Start of Block

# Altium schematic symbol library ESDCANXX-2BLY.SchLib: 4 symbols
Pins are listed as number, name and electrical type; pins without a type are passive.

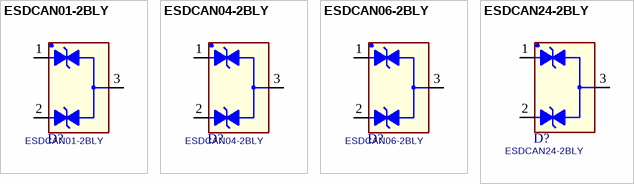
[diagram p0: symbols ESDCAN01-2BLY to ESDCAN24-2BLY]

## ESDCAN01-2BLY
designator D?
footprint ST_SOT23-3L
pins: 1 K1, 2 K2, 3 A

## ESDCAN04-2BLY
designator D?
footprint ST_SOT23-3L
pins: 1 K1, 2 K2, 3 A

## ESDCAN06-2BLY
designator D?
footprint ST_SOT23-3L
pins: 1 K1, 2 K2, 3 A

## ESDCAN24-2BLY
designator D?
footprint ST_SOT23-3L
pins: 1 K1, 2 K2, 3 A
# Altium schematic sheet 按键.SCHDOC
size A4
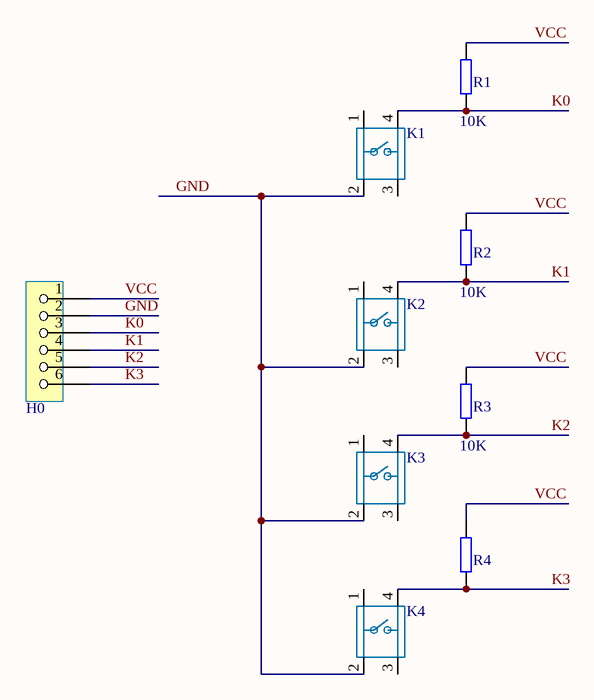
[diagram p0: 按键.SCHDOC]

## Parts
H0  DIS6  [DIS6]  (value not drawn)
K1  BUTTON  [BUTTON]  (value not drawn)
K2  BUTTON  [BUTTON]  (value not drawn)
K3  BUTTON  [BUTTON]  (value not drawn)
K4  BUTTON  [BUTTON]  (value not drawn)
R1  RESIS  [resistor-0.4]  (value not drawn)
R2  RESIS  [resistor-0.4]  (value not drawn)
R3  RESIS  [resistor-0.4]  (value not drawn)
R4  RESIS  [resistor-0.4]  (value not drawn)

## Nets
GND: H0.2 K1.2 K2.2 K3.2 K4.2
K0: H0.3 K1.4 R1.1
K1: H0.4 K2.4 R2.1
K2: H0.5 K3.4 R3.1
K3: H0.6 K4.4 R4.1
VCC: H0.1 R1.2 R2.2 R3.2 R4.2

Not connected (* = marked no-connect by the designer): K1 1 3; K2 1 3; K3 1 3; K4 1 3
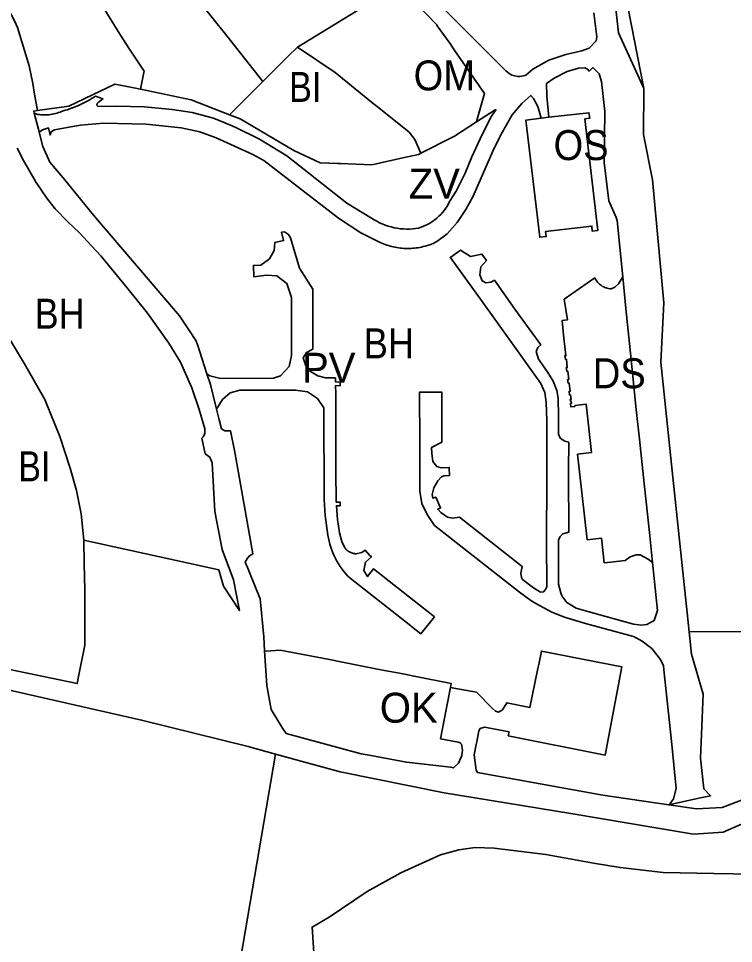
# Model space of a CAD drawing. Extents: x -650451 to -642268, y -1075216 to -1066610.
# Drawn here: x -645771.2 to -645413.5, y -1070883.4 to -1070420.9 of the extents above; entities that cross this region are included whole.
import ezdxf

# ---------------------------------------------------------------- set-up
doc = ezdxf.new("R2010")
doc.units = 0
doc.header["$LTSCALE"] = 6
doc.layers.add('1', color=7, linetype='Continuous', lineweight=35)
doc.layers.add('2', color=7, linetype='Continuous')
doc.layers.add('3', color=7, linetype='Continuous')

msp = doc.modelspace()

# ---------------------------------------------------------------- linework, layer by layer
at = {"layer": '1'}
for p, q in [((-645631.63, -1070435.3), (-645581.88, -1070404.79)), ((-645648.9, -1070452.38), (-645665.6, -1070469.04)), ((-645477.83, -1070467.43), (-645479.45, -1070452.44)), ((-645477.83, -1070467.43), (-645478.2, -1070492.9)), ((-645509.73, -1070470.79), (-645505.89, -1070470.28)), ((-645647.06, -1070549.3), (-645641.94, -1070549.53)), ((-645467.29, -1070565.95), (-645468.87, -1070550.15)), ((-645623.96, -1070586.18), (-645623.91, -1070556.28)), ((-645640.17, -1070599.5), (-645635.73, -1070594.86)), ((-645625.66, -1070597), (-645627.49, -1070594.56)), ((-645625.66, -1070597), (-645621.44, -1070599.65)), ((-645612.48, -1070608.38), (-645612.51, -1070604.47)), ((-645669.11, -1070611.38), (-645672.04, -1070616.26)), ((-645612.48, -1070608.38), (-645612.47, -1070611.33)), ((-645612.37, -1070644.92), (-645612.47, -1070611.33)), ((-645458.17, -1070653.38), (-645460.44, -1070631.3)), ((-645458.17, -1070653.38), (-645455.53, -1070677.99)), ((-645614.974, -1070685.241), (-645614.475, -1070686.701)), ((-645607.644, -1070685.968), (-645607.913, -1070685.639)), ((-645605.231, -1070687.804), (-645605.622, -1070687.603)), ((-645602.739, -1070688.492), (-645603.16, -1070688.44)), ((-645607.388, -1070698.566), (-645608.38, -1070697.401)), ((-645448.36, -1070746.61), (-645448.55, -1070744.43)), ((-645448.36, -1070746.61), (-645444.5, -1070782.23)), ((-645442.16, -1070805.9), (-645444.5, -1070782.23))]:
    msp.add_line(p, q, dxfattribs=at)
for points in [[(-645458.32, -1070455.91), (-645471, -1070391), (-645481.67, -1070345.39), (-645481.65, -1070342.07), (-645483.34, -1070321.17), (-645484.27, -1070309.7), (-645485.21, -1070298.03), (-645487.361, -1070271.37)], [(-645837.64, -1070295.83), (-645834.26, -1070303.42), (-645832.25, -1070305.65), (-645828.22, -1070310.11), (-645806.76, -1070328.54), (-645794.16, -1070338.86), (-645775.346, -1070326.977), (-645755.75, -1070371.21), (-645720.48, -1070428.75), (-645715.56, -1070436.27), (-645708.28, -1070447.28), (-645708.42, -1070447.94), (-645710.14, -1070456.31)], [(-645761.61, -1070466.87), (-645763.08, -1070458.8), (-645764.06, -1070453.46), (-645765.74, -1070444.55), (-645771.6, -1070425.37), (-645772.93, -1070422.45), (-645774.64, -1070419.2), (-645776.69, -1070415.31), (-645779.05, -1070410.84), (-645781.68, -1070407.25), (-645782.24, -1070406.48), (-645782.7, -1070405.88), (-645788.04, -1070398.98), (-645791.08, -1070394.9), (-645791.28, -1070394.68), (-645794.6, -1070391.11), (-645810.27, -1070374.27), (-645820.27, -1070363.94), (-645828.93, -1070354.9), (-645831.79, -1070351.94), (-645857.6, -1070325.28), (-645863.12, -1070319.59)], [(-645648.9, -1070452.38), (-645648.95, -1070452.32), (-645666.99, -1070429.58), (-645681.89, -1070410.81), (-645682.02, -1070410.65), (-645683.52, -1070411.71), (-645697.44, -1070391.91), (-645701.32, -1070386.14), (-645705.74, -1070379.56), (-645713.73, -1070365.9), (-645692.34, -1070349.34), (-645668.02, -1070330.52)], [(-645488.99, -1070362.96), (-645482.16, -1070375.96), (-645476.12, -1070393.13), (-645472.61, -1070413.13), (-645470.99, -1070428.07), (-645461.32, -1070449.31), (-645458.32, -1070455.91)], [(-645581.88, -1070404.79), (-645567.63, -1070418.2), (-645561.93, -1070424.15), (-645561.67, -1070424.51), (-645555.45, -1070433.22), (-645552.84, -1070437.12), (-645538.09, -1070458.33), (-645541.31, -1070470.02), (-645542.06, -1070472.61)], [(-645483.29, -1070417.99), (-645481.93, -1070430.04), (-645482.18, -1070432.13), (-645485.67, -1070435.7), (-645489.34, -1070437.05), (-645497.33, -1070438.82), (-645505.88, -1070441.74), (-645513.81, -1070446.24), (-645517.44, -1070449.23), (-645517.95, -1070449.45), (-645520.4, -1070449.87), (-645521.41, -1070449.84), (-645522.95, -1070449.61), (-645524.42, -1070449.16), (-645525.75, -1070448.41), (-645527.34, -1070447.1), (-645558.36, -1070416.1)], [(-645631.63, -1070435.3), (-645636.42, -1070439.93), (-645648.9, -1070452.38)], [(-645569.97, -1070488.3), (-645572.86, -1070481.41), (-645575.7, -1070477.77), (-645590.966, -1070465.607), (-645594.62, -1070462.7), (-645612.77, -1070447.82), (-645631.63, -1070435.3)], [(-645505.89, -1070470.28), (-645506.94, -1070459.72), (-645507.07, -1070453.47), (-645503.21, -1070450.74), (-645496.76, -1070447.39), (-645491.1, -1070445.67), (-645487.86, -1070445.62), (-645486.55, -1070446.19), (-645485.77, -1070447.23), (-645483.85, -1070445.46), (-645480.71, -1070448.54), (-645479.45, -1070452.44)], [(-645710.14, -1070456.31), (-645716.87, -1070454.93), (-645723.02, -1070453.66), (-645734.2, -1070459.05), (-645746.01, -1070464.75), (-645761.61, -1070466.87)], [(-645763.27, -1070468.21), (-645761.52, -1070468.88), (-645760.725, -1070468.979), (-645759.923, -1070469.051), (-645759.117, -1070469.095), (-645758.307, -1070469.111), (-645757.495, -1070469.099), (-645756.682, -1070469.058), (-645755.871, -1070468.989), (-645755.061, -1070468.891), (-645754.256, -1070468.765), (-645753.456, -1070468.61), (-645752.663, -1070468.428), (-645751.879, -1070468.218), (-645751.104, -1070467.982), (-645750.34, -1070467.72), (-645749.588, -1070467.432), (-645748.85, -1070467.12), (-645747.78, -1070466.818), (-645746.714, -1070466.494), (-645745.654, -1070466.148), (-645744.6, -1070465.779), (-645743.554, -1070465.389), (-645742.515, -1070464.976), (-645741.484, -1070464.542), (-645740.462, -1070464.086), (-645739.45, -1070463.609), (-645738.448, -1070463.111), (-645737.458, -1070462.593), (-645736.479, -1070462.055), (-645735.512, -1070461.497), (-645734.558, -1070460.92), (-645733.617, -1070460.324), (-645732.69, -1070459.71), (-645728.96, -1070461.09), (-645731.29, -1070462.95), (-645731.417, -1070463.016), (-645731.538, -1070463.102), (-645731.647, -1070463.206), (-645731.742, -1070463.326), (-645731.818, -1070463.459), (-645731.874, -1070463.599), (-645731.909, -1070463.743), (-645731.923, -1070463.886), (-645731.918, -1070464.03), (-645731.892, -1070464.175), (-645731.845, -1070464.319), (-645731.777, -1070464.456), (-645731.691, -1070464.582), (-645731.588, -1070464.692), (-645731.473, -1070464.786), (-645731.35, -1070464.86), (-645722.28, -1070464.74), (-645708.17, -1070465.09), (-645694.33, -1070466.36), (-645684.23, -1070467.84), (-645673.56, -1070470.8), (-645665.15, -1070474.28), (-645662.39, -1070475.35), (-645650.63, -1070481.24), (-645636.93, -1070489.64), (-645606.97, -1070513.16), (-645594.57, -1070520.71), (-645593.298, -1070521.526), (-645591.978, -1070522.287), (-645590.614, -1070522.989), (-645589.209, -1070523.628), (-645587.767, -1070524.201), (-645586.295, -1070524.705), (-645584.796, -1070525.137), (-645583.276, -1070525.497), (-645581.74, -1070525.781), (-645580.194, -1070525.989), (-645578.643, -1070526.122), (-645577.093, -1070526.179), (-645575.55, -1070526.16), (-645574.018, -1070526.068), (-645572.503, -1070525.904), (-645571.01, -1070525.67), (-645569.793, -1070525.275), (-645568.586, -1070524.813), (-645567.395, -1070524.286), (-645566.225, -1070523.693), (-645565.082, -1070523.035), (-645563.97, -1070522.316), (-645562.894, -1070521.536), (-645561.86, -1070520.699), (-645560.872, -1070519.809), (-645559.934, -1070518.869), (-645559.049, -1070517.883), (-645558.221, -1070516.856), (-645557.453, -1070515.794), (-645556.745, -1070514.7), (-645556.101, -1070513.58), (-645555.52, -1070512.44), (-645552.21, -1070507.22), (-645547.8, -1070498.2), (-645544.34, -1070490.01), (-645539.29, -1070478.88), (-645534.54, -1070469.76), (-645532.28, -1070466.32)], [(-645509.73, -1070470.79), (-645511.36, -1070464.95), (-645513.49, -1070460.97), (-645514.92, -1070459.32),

End of Block

▶ Action item
Copy each line in the listing where "Continuous" appears.

▶ Exercise solution
doc.layers.add('1', color=7, linetype='Continuous', lineweight=35)
doc.layers.add('2', color=7, linetype='Continuous')
doc.layers.add('3', color=7, linetype='Continuous')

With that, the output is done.